GRADES OF MILD CONCUSSIONS
Grade Symptoms Duration Recommended RTP
1 Confusion, no amnesia Minutes When symptoms resolve
2 Retrograde amnesia Hours to days 1 wk
3 Amnesia after impact Days 1 mo
“spear tackler's spine,”
Football players who repeatedly use poor tackling techniques can develop a condition known as “spear tackler's spine,” which includes developmental cervical stenosis, loss of lordosis, and other radiographic abnormalities.

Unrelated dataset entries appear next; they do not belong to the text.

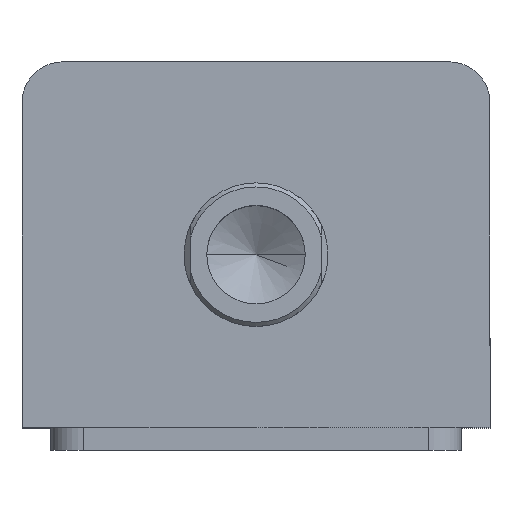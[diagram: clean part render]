
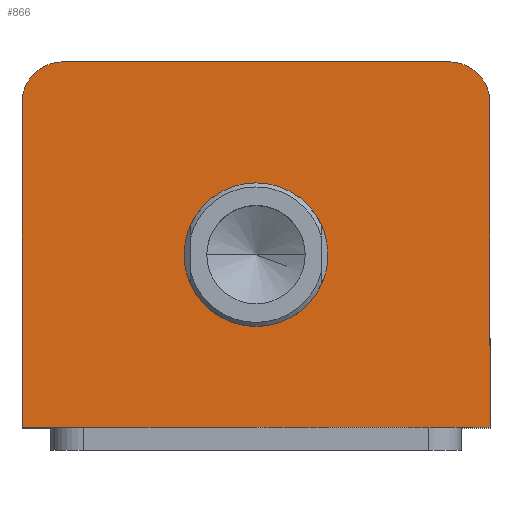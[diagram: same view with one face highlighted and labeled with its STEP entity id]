
A CAD part, top view. The second image highlights one B-rep face of the part: STEP entity #866.
In plain terms, the highlighted planar face has unit normal (0, 0, 1).
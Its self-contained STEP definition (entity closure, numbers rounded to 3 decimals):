
#109 = CARTESIAN_POINT ( 'NONE',  ( -57., 34.5, 127. ) ) ;
#220 = CARTESIAN_POINT ( 'NONE',  ( -17.5, -2.5, 127. ) ) ;
#221 = CARTESIAN_POINT ( 'NONE',  ( -57., -44.5, 127. ) ) ;
#222 = CARTESIAN_POINT ( 'NONE',  ( 17.5, -2.5, 127. ) ) ;
#224 = CARTESIAN_POINT ( 'NONE',  ( 57., -44.5, 127. ) ) ;
#240 = CARTESIAN_POINT ( 'NONE',  ( 57., 34.5, 127. ) ) ;
#252 = CARTESIAN_POINT ( 'NONE',  ( 47., 44.5, 127. ) ) ;
#255 = CARTESIAN_POINT ( 'NONE',  ( -47., 44.5, 127. ) ) ;
#866 = ADVANCED_FACE ( 'NONE', ( #1068, #1071 ), #2420, .T. ) ;
#1068 = FACE_BOUND ( 'NONE', #2481, .T. ) ;
#1071 = FACE_OUTER_BOUND ( 'NONE', #1105, .T. ) ;
#1105 = EDGE_LOOP ( 'NONE', ( #1778, #1779, #1780, #1781, #1782, #1783 ) ) ;
#1776 = ORIENTED_EDGE ( 'NONE', *, *, #3485, .F. ) ;
#1777 = ORIENTED_EDGE ( 'NONE', *, *, #3483, .F. ) ;
#1778 = ORIENTED_EDGE ( 'NONE', *, *, #3522, .T. ) ;
#1779 = ORIENTED_EDGE ( 'NONE', *, *, #3544, .T. ) ;
#1780 = ORIENTED_EDGE ( 'NONE', *, *, #3548, .T. ) ;
#1781 = ORIENTED_EDGE ( 'NONE', *, *, #3492, .T. ) ;
#1782 = ORIENTED_EDGE ( 'NONE', *, *, #3507, .T. ) ;
#1783 = ORIENTED_EDGE ( 'NONE', *, *, #3535, .T. ) ;
#1816 = CIRCLE ( 'NONE', #3035, 10. ) ;
#1820 = LINE ( 'NONE', #1984, #1823 ) ;
#1823 = VECTOR ( 'NONE', #1985, 1000. ) ;
#1915 = CARTESIAN_POINT ( 'NONE',  ( -57., 44.5, 127. ) ) ;
#1916 = DIRECTION ( 'NONE',  ( -1., 0., 0. ) ) ;
#1948 = CARTESIAN_POINT ( 'NONE',  ( 47., 34.5, 127. ) ) ;
#1949 = DIRECTION ( 'NONE',  ( 0., 0., 1. ) ) ;
#1950 = DIRECTION ( 'NONE',  ( 1., 0., 0. ) ) ;
#1975 = CARTESIAN_POINT ( 'NONE',  ( -47., 34.5, 127. ) ) ;
#1976 = DIRECTION ( 'NONE',  ( 0., 0., 1. ) ) ;
#1977 = DIRECTION ( 'NONE',  ( 1., 0., 0. ) ) ;
#1984 = CARTESIAN_POINT ( 'NONE',  ( -57., 44.5, 127. ) ) ;
#1985 = DIRECTION ( 'NONE',  ( 0., -1., 0. ) ) ;
#2045 = CARTESIAN_POINT ( 'NONE',  ( 0., -2.5, 127. ) ) ;
#2046 = DIRECTION ( 'NONE',  ( 0., 0., 1. ) ) ;
#2047 = DIRECTION ( 'NONE',  ( 1., 0., 0. ) ) ;
#2048 = CARTESIAN_POINT ( 'NONE',  ( 0., -2.5, 127. ) ) ;
#2049 = DIRECTION ( 'NONE',  ( 0., 0., 1. ) ) ;
#2050 = DIRECTION ( 'NONE',  ( 1., 0., 0. ) ) ;
#2059 = CARTESIAN_POINT ( 'NONE',  ( -57., -44.5, 127. ) ) ;
#2069 = DIRECTION ( 'NONE',  ( 1., 0., 0. ) ) ;
#2097 = CARTESIAN_POINT ( 'NONE',  ( 57., 44.5, 127. ) ) ;
#2098 = DIRECTION ( 'NONE',  ( 0., 1., 0. ) ) ;
#2243 = CIRCLE ( 'NONE', #3212, 17.5 ) ;
#2246 = CIRCLE ( 'NONE', #3156, 17.5 ) ;
#2252 = LINE ( 'NONE', #2059, #2259 ) ;
#2259 = VECTOR ( 'NONE', #2069, 1000. ) ;
#2286 = LINE ( 'NONE', #2097, #2289 ) ;
#2289 = VECTOR ( 'NONE', #2098, 1000. ) ;
#2313 = LINE ( 'NONE', #1915, #2316 ) ;
#2316 = VECTOR ( 'NONE', #1916, 1000. ) ;
#2329 = CIRCLE ( 'NONE', #3202, 10. ) ;
#2416 = CARTESIAN_POINT ( 'NONE',  ( 0., 0., 127. ) ) ;
#2420 = PLANE ( 'NONE',  #3317 ) ;
#2425 = DIRECTION ( 'NONE',  ( 0., 0., 1. ) ) ;
#2426 = DIRECTION ( 'NONE',  ( 1., 0., 0. ) ) ;
#2481 = EDGE_LOOP ( 'NONE', ( #1776, #1777 ) ) ;
#2801 = VERTEX_POINT ( 'NONE', #220 ) ;
#2802 = VERTEX_POINT ( 'NONE', #221 ) ;
#2803 = VERTEX_POINT ( 'NONE', #222 ) ;
#2805 = VERTEX_POINT ( 'NONE', #224 ) ;
#2821 = VERTEX_POINT ( 'NONE', #240 ) ;
#2833 = VERTEX_POINT ( 'NONE', #252 ) ;
#2836 = VERTEX_POINT ( 'NONE', #255 ) ;
#2844 = VERTEX_POINT ( 'NONE', #109 ) ;
#3035 = AXIS2_PLACEMENT_3D ( 'NONE', #1975, #1976, #1977 ) ;
#3156 = AXIS2_PLACEMENT_3D ( 'NONE', #2048, #2049, #2050 ) ;
#3202 = AXIS2_PLACEMENT_3D ( 'NONE', #1948, #1949, #1950 ) ;
#3212 = AXIS2_PLACEMENT_3D ( 'NONE', #2045, #2046, #2047 ) ;
#3317 = AXIS2_PLACEMENT_3D ( 'NONE', #2416, #2425, #2426 ) ;
#3483 = EDGE_CURVE ( 'NONE', #2801, #2803, #2243, .T. ) ;
#3485 = EDGE_CURVE ( 'NONE', #2803, #2801, #2246, .T. ) ;
#3492 = EDGE_CURVE ( 'NONE', #2802, #2805, #2252, .T. ) ;
#3507 = EDGE_CURVE ( 'NONE', #2805, #2821, #2286, .T. ) ;
#3522 = EDGE_CURVE ( 'NONE', #2833, #2836, #2313, .T. ) ;
#3535 = EDGE_CURVE ( 'NONE', #2821, #2833, #2329, .T. ) ;
#3544 = EDGE_CURVE ( 'NONE', #2836, #2844, #1816, .T. ) ;
#3548 = EDGE_CURVE ( 'NONE', #2844, #2802, #1820, .T. ) ;

On-field management of Suspected Cervical Spine Injury during athletics
—As with any trauma victim, careful handling of the patient and immobilization are critical. The mechanism of injury usually involves an axial load with flexion and compression of the spine. In football, the helmet and shoulder pads should not be removed. However, the facemask should be removed in the event that an emergent airway is needed. The sequence for proper cervical spine stabilization includes the following:
1. Stabilize the head
2. Log-roll the individual to the supine position
3. Take off the facemask (not helmet)
4. Administer cardiopulmonary resuscitation (CPR) if necessary
5. Apply a backboard
6. Transport the individual
Sports related Spondylolysis/spondylolisthesis
Diagnosis—This condition is common in football interior line positions and gymnasts owing to the repetitive hyperextension of the spine involved in these sports. Oblique radiographs (only 32% sensitive), bone scanning with single-photon emission computed tomography (SPECT) (the most sensitive and effective in the acute setting), and CT (useful in assessing healing) are all helpful for establishing the diagnosis.

Treatment—Treatment includes activity modification, bracing, and fusion for high-grade slips. Individuals with grade I or II injuries may play if they are asymptomatic. For those with grades III, IV, or V injuries who are experiencing intractable pain and/or a progressive slip, a posterolateral fusion should be considered.